• EXERCISE DETAILS: Please reproduce, exactly as given, the lines running from the start of the data to the line containing "doc.layers.add(name, color=color, linetype=linetype)", inclusive, and omit the pictures.

• STUDY MATERIAL:
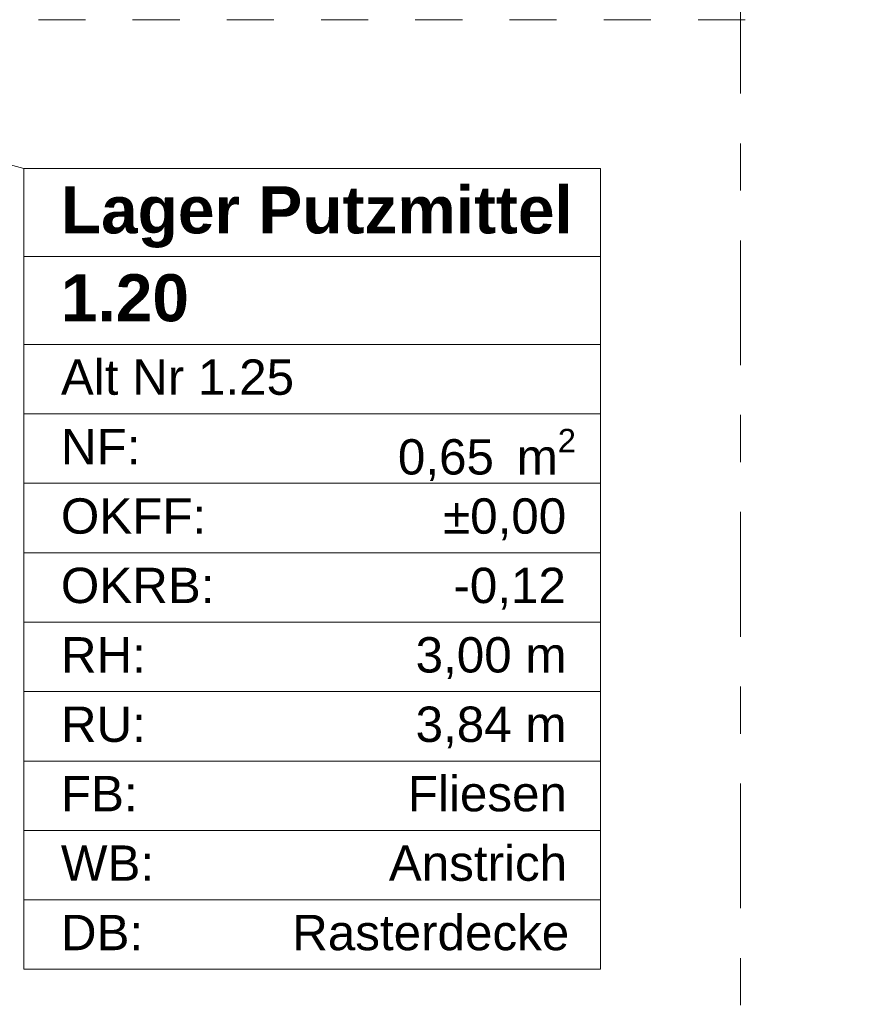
# Model space of a CAD drawing. Header units: metres. Extents: x -3.6 to 84.5, y -11 to 16.8.
# Tile 463 of 656: x 49.4 to 51.2, y 3 to 5.1. Entities that reach past the tile are written whole.
import ezdxf

# ---------------------------------------------------------------- set-up
doc = ezdxf.new("R2010")
doc.units = ezdxf.units.M
doc.header["$MEASUREMENT"] = 0
doc.linetypes.add('Strichlinie doppelt', pattern=[0.546806, 0.264583, -0.105833, 0.070556, -0.105833])
doc.linetypes.add('Untersicht', pattern=[0.1, 0.075, -0.025])
for name, color, linetype in [('152 - Bemaßung_ Beschriftung.Ausbau', 7, 'Continuous'), ('451 - Universal.Achsen Raster', 7, 'Continuous'), ('653 - Abdeckung.TB Verkofferung', 7, 'Continuous'), ('Neubau_401 - Zone.Raum_ Raumbegrenzung_ Whg.', 7, 'Continuous')]:
    doc.layers.add(name, color=color, linetype=linetype)
doc.styles.add('ERSTELLTER_STIL_1', font='txt')
doc.styles.add('ERSTELLTER_STIL_2', font='txt')
doc.dimstyles.new('ERSTELLTER_STIL__3', dxfattribs={"dimtxt": 0.1, "dimasz": 0.0532, "dimexe": 0.18, "dimexo": 0.0625, "dimgap": 0, "dimtad": 1, "dimtih": 1, "dimtoh": 1, "dimzin": 0, "dimdsep": 46, "dimtxsty": 'ERSTELLTER_STIL_2', "dimblk": 'ARROWHEAD_2', "dimblk1": 'ARROWHEAD_2', "dimblk2": 'ARROWHEAD_2', "dimcen": 0.09, "dimse1": 1, "dimse2": 1, "dimclrd": 7, "dimclre": 7, "dimclrt": 7, "dimazin": 0, "dimtfac": 1, "dimtdec": 4, "dimtmove": 0, "dimatfit": 3, "dimfxl": 1, "dimtolj": 1, "dimtzin": 0, "dimarcsym": 0})
doc.dimstyles.new('ERSTELLTER_STIL__5', dxfattribs={"dimtxt": 0.18, "dimasz": 0.00912, "dimexe": 0.18, "dimexo": 0.0625, "dimgap": 0, "dimtad": 0, "dimtih": 1, "dimtoh": 1, "dimdec": 4, "dimzin": 0, "dimdsep": 46, "dimcen": 0.09, "dimadec": 0, "dimazin": 0, "dimtfac": 1, "dimtdec": 4, "dimtmove": 0, "dimatfit": 3, "dimldrblk": 'ARROWHEAD_11', "dimfxl": 1, "dimtolj": 1, "dimtzin": 0, "dimarcsym": 0})

# ---------------------------------------------------------------- blocks, each defined once
blk = doc.blocks.new('ARROWHEAD_11')
at = {"color": 0, "linetype": 'Continuous', "lineweight": 0}
blk.add_line((0, 0), (-1, 0), dxfattribs=at)
at = {"color": 0, "linetype": 'Continuous', "lineweight": 0, "const_width": 0.25, "flags": 128}
blk.add_lwpolyline([(-0.125, 0, 1), (0.125, 0, 1)], format="xyb", close=True, dxfattribs=at)
blk = doc.blocks.new('*D297')
at = {"layer": '152 - Bemaßung_ Beschriftung.Ausbau', "color": 7, "linetype": 'Continuous', "lineweight": 5}
for p, q in [((47.44, -9.1375), (47.44, -9.0325)), ((47.4602, -9.05), (47.4198, -9.12)), ((62.0552, -9.05), (62.0148, -9.12)), ((47.29, -9.085), (47.44, -9.085)), ((47.44, -9.085), (62.035, -9.085))]:
    blk.add_line(p, q, dxfattribs=at)
at = {"layer": '152 - Bemaßung_ Beschriftung.Ausbau', "color": 7, "lineweight": 5, "insert": (54.5415, -9.0844), "char_height": 0.1, "attachment_point": 7, "style": 'ERSTELLTER_STIL_2'}
blk.add_mtext('\\A1;{\\pql;\\fArial|b0|i0|c0|p38;14,59\\fArial|b0|i0|c0|p38;\\A1{\\H.66x;\\S5^  ;}}', dxfattribs=at)
blk = doc.blocks.new('ARROWHEAD_2')
at = {"color": 0, "linetype": 'Continuous', "lineweight": 0}
for p, q in [((-0.378, -0.655), (0.378, 0.655)), ((0, 0), (-1, 0))]:
    blk.add_line(p, q, dxfattribs=at)
blk = doc.blocks.new('*D298')
at = {"layer": '152 - Bemaßung_ Beschriftung.Ausbau', "color": 7, "linetype": 'Continuous', "lineweight": 5}
for p, q in [((62.035, -9.1375), (62.035, -9.0325)), ((62.0552, -9.05), (62.0148, -9.12)), ((62.2952, -9.05), (62.2548, -9.12)), ((47.44, -9.085), (62.035, -9.085)), ((62.035, -9.085), (62.275, -9.085))]:
    blk.add_line(p, q, dxfattribs=at)
at = {"layer": '152 - Bemaßung_ Beschriftung.Ausbau', "color": 7, "lineweight": 5, "insert": (62.0791, -9.065), "char_height": 0.1, "attachment_point": 7, "style": 'ERSTELLTER_STIL_2'}
blk.add_mtext('\\A1;{\\pql;\\fArial|b0|i0|c0|p38;24}', dxfattribs=at)
blk = doc.blocks.new('*D644')
at = {"layer": '152 - Bemaßung_ Beschriftung.Ausbau', "color": 7, "linetype": 'Continuous', "lineweight": 5}
for p, q in [((-0.1448, -10.55), (-0.1852, -10.62)), ((-0.165, -10.6375), (-0.165, -10.5325)), ((62.4048, -10.62), (62.4452, -10.55)), ((62.425, -10.6375), (62.425, -10.5325)), ((-0.1992, -10.585), (-0.165, -10.585)), ((-0.165, -10.585), (62.425, -10.585)), ((62.425, -10.585), (62.4593, -10.585))]:
    blk.add_line(p, q, dxfattribs=at)
at = {"layer": '152 - Bemaßung_ Beschriftung.Ausbau', "color": 7, "lineweight": 5, "insert": (30.959, -10.565), "char_height": 0.1, "attachment_point": 7, "style": 'ERSTELLTER_STIL_2'}
blk.add_mtext('\\A1;{\\pql;\\fArial|b0|i0|c0|p38;62,59}', dxfattribs=at)

msp = doc.modelspace()

# ---------------------------------------------------------------- linework, layer by layer
at = {"layer": '451 - Universal.Achsen Raster', "color": 160, "linetype": 'Strichlinie doppelt', "lineweight": 9, "true_color": 0x3232ff}
msp.add_line((50.93, -10.585), (50.93, 16.355), dxfattribs=at)
at = {"layer": '653 - Abdeckung.TB Verkofferung', "color": 7, "linetype": 'Untersicht', "lineweight": 9}
msp.add_line((47.44, 5.1305), (51.04, 5.1305), dxfattribs=at)
at = {"layer": 'Neubau_401 - Zone.Raum_ Raumbegrenzung_ Whg.', "color": 1, "linetype": 'Continuous', "lineweight": 9}
for p, q in [((49.4091, 4.8146), (46.8802, 5.5193)), ((50.6332, 4.8146), (49.4091, 4.8146)), ((49.4091, 4.8146), (49.4091, 3.1155)), ((49.4091, 4.8146), (50.6332, 4.8146)), ((49.4091, 4.628), (49.4091, 4.8146)), ((50.6332, 3.1155), (50.6332, 4.8146)), ((50.6332, 4.8146), (50.6332, 4.628)), ((50.6332, 4.628), (49.4091, 4.628)), ((49.4091, 4.628), (50.6332, 4.628)), ((49.4091, 4.4414), (49.4091, 4.628)), ((50.6332, 4.628), (50.6332, 4.4414)), ((50.6332, 4.4414), (49.4091, 4.4414)), ((49.4091, 4.4414), (50.6332, 4.4414)), ((49.4091, 4.294), (49.4091, 4.4414)), ((50.6332, 4.4414), (50.6332, 4.294)), ((50.6332, 4.294), (49.4091, 4.294)), ((49.4091, 4.294), (50.6332, 4.294)), ((49.4091, 4.1467), (49.4091, 4.294)), ((50.6332, 4.294), (50.6332, 4.1467)), ((50.6332, 4.1467), (49.4091, 4.1467)), ((49.4091, 4.1467), (50.6332, 4.1467)), ((49.4091, 3.9994), (49.4091, 4.1467)), ((50.6332, 4.1467), (50.6332, 3.9994)), ((50.6332, 3.9994), (49.4091, 3.9994)), ((49.4091, 3.9994), (50.6332, 3.9994)), ((49.4091, 3.8521), (49.4091, 3.9994)), ((50.6332, 3.9994), (50.6332, 3.8521)), ((50.6332, 3.8521), (49.4091, 3.8521)), ((49.4091, 3.8521), (50.6332, 3.8521)), ((49.4091, 3.7048), (49.4091, 3.8521)), ((50.6332, 3.8521), (50.6332, 3.7048)), ((50.6332, 3.7048), (49.4091, 3.7048)), ((49.4091, 3.7048), (50.6332, 3.7048)), ((49.4091, 3.5574), (49.4091, 3.7048)), ((50.6332, 3.7048), (50.6332, 3.5574)), ((50.6332, 3.5574), (49.4091, 3.5574)), ((49.4091, 3.5574), (50.6332, 3.5574)), ((49.4091, 3.4101), (49.4091, 3.5574)), ((50.6332, 3.5574), (50.6332, 3.4101)), ((50.6332, 3.4101), (49.4091, 3.4101)), ((49.4091, 3.4101), (50.6332, 3.4101)), ((49.4091, 3.2628), (49.4091, 3.4101)), ((50.6332, 3.4101), (50.6332, 3.2628)), ((50.6332, 3.2628), (49.4091, 3.2628)), ((49.4091, 3.2628), (50.6332, 3.2628)), ((49.4091, 3.1155), (49.4091, 3.2628)), ((50.6332, 3.2628), (50.6332, 3.1155)), ((49.4091, 3.1155), (50.6332, 3.1155)), ((50.6332, 3.1155), (49.4091, 3.1155))]:
    msp.add_line(p, q, dxfattribs=at)

# ---------------------------------------------------------------- texts
at = {"layer": 'Neubau_401 - Zone.Raum_ Raumbegrenzung_ Whg.', "color": 7, "lineweight": 9, "attachment_point": 1}
for s, insert, char_height, style in [('\\A1;{\\pqj;\\pt0;\\fArial|b1|i0|c0|p38;Lager Putzmittel}', (49.4877, 4.777), 0.1, 'ERSTELLTER_STIL_1'), ('\\A1;{\\pqj;\\pt0;\\fArial|b1|i0|c0|p38;}', (50.5546, 4.7998), 0.1, 'ERSTELLTER_STIL_1'), ('\\A1;{\\pqj;\\pt0;\\fArial|b1|i0|c0|p38;}', (50.5546, 4.6132), 0.1, 'ERSTELLTER_STIL_1'), ('\\A1;{\\pql;\\pt0;\\fArial|b1|i0|c0|p38;1.20}', (49.4877, 4.5904), 0.1, 'ERSTELLTER_STIL_1'), ('\\A1;{\\pqj;\\pt0;\\fArial|b0|i0|c0|p38;Alt Nr 1.25}', (49.4877, 4.4095), 0.075, 'ERSTELLTER_STIL_2'), ('\\A1;{\\pqj;\\pt0;\\fArial|b0|i0|c0|p38;}', (50.5546, 4.4266), 0.075, 'ERSTELLTER_STIL_2'), ('\\A1;{\\pqj;\\pt0;\\fArial|b0|i0|c0|p38;NF: }', (49.4877, 4.2622), 0.075, 'ERSTELLTER_STIL_2'), ('\\A1;{\\pql;\\pt0,0.05;\\fArial|b0|i0|c0|p38;0,65\\fArial|b0|i0|c0|p38;\\A1{\\H.66x;\\S^  ;}\\fArial|b0|i0|c0|p38; m\\fArial|b0|i0|c0|p38;\\A1{\\H.66x;\\S2^  ;}}', (50.203, 4.2622), 0.075, 'ERSTELLTER_STIL_2'), ('\\A1;{\\pqj;\\pt0;\\fArial|b0|i0|c0|p38;OKFF: }', (49.4877, 4.1148), 0.075, 'ERSTELLTER_STIL_2'), ('\\A1;{\\pqj;\\pt0;\\fArial|b0|i0|c0|p38;±0,00}', (50.2989, 4.1148), 0.075, 'ERSTELLTER_STIL_2'), ('\\A1;{\\pqj;\\pt0;\\fArial|b0|i0|c0|p38;OKRB: }', (49.4877, 3.9675), 0.075, 'ERSTELLTER_STIL_2'), ('\\A1;{\\pqj;\\pt0;\\fArial|b0|i0|c0|p38;-0,12}', (50.3208, 3.9675), 0.075, 'ERSTELLTER_STIL_2'), ('\\A1;{\\pqj;\\pt0;\\fArial|b0|i0|c0|p38;RH: }', (49.4877, 3.8202), 0.075, 'ERSTELLTER_STIL_2'), ('\\A1;{\\pqj;\\pt0;\\fArial|b0|i0|c0|p38;3,00 m}', (50.2406, 3.8202), 0.075, 'ERSTELLTER_STIL_2'), ('\\A1;{\\pqj;\\pt0;\\fArial|b0|i0|c0|p38;RU: }', (49.4877, 3.6729), 0.075, 'ERSTELLTER_STIL_2'), ('\\A1;{\\pqj;\\pt0;\\fArial|b0|i0|c0|p38;3,84 m}', (50.2406, 3.6729), 0.075, 'ERSTELLTER_STIL_2'), ('\\A1;{\\pqj;\\pt0;\\fArial|b0|i0|c0|p38;Fliesen}', (50.2241, 3.5256), 0.075, 'ERSTELLTER_STIL_2'), ('\\A1;{\\pqj;\\pt0;\\fArial|b0|i0|c0|p38;FB: }', (49.4877, 3.5256), 0.075, 'ERSTELLTER_STIL_2'), ('\\A1;{\\pqj;\\pt0;\\fArial|b0|i0|c0|p38;WB: }', (49.4877, 3.3782), 0.075, 'ERSTELLTER_STIL_2'), ('\\A1;{\\pqj;\\pt0;\\fArial|b0|i0|c0|p38;Anstrich}', (50.1837, 3.3782), 0.075, 'ERSTELLTER_STIL_2'), ('\\A1;{\\pqj;\\pt0;\\fArial|b0|i0|c0|p38;DB: }', (49.4877, 3.2309), 0.075, 'ERSTELLTER_STIL_2'), ('\\A1;{\\pqj;\\pt0;\\fArial|b0|i0|c0|p38;Rasterdecke}', (49.9786, 3.2309), 0.075, 'ERSTELLTER_STIL_2')]:
    msp.add_mtext(s, dxfattribs=dict(at, insert=insert, char_height=char_height, style=style))

# ---------------------------------------------------------------- dimensions: what is measured, and where the dimension line sits
at = {"layer": '152 - Bemaßung_ Beschriftung.Ausbau', "color": 7, "linetype": 'Continuous', "lineweight": 5}
for base, p1, p2, picture, middle in [((62.03503, -9.085), (47.43999, 2.93566), (62.03503, 5.5375), '*D297', (54.84455, -9.015)), ((62.275, -9.085), (62.035, 5.5375), (62.275, 5.5375), '*D298', (62.1554, -9.015)), ((62.425, -10.585), (-0.165, -0.145), (62.425, 5.1), '*D644', (31.127, -10.515))]:
    dim = msp.add_linear_dim(base=base, p1=p1, p2=p2, dimstyle='ERSTELLTER_STIL__3', dxfattribs=at)
    dim.commit()
    dim.dimension.update_dxf_attribs({"geometry": picture, "text_midpoint": middle, "dimtype": 160})

# ---------------------------------------------------------------- leaders
at = {"layer": '152 - Bemaßung_ Beschriftung.Ausbau', "color": 7, "linetype": 'Continuous', "lineweight": 9, "annotation_type": 0, "has_hookline": 1, "hookline_direction": 0, "text_width": 0.5828}
msp.add_leader([(51.04, 5.6607), (51.3863, 4.8577), (51.5231, 4.8577)], dimstyle='ERSTELLTER_STIL__5', dxfattribs=at)

doc.saveas('drawing.dxf')

• RESPONSE:
# Model space of a CAD drawing. Header units: metres. Extents: x -3.6 to 84.5, y -11 to 16.8.
# Tile 463 of 656: x 49.4 to 51.2, y 3 to 5.1. Entities that reach past the tile are written whole.
import ezdxf

# ---------------------------------------------------------------- set-up
doc = ezdxf.new("R2010")
doc.units = ezdxf.units.M
doc.header["$MEASUREMENT"] = 0
doc.linetypes.add('Strichlinie doppelt', pattern=[0.546806, 0.264583, -0.105833, 0.070556, -0.105833])
doc.linetypes.add('Untersicht', pattern=[0.1, 0.075, -0.025])
for name, color, linetype in [('152 - Bemaßung_ Beschriftung.Ausbau', 7, 'Continuous'), ('451 - Universal.Achsen Raster', 7, 'Continuous'), ('653 - Abdeckung.TB Verkofferung', 7, 'Continuous'), ('Neubau_401 - Zone.Raum_ Raumbegrenzung_ Whg.', 7, 'Continuous')]:
    doc.layers.add(name, color=color, linetype=linetype)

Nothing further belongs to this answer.